Comment 19•5 years ago
|
||
Dragos will be testing the latest multi-user updates/dev for macos pgo. I'll update the pgo pool to run on the new taskcluster-ci (needs new secrets created and put into each machine -- deploystudio and reimage/place all of the pgo workers).
Comment 20•5 years ago
|
||
(In reply to Dave House [:dhouse] from comment #19)
Dragos will be testing the latest multi-user updates/dev for macos pgo. I'll update the pgo pool to run on the new taskcluster-ci (needs new secrets created and put into each machine -- deploystudio and reimage/place all of the pgo workers).

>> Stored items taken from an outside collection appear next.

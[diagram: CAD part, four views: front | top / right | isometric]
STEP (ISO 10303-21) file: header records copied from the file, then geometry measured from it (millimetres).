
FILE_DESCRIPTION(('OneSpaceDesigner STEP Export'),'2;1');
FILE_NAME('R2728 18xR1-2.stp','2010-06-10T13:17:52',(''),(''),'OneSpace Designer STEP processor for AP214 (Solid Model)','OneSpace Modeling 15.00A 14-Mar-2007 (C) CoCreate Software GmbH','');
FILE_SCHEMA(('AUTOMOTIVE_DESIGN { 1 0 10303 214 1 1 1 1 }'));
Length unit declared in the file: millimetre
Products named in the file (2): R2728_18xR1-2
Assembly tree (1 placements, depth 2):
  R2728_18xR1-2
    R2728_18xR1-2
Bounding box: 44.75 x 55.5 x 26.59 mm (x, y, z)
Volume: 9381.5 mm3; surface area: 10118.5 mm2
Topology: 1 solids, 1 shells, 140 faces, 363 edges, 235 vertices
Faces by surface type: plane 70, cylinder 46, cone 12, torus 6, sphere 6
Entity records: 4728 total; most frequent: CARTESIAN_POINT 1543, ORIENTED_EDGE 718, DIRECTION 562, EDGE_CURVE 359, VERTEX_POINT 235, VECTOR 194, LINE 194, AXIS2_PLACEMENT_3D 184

Dragos, these aren't ready yet. I'm sorry but there is more needed than I had anticipated. You could try running in the regular staging pool, and then we can move over to these when they're ready (?). #471 I couldn't reach (I tried cycling the power for it also, but still no ping so I'll need to ask the datacenter techs to check it).
Here are the machines for the pgo pool:
t-mojave-r7-235.tier3.releng.mdc2.mozilla.com
t-mojave-r7-236.tier3.releng.mdc2.mozilla.com
t-mojave-r7-471.tier3.releng.mdc1.mozilla.com
t-mojave-r7-472.tier3.releng.mdc1.mozilla.com
old tc:
client: project/releng/releng-hardware/gecko-3-t-osx-1014
scopes: assume:worker-type:releng-hardware/gecko-3-t-osx-1014
new tc:
client: project/releng/generic-worker/datacenter-gecko-3-t-osx
scopes: assume:worker-type:releng-hardware/gecko-3-t-osx*
I updated the secrets on the deploystudio servers and on #236 and tried bootstrapping it (with https://raw.githubusercontent.com${PUPPET_FORK}/${PUPPET_BRANCH}/provisioners/macos/bootstrap_mojave.sh)
There is additional setup still needed in deploystudio (workflows and scripts; I netbooted #472 against install3, but it didn't run -- no logs created so I think it didn't reach the server), and some puppet changes (looks like firewall needs adjusted -- running a bootstrap terminated when the pf.mozilla.anchors/rules.conf was applied).
Comment 21•5 years ago
|
||
Dragos, here is the pgo pool with one worker:
https://firefox-ci-tc.services.mozilla.com/provisioners/releng-hardware/worker-types/gecko-3-t-osx-1014
I had to re-run the bootstrap on 235 and with the second puppet run the firewall didn't cut me off and homebrew installed.
I've also kicked off the netboot of 236 and 472. I had forgotten to netboot against the bsdpy hosts instead of the install hosts. The workflows are not updated, and so when they complete I'll run the boottstrap/puppet to pin them to my puppet branch:
# check pre-reqs
xcode-select -p
git --version
puppet --version
# if anything missing, install it. then proceed:
echo gecko_3_t_osx_1014 > /etc/puppet_role
curl --silent -L -O https://raw.githubusercontent.com/davehouse/ronin_puppet/bug1530732_l3-on-ffci/provisioners/macos/bootstrap_mojave.sh
bash bootstrap_mojave.sh
Comment 22•5 years ago
|
||
Based on https://bugzilla.mozilla.org/show_bug.cgi?id=1561956#c72, is this deployed and ready? Are we clear to use those workers on production repos (and therefore land bug 1528374)? Thanks!
Comment 23•5 years ago
|
||
(In reply to Chris Manchester (:chmanchester) from comment #22)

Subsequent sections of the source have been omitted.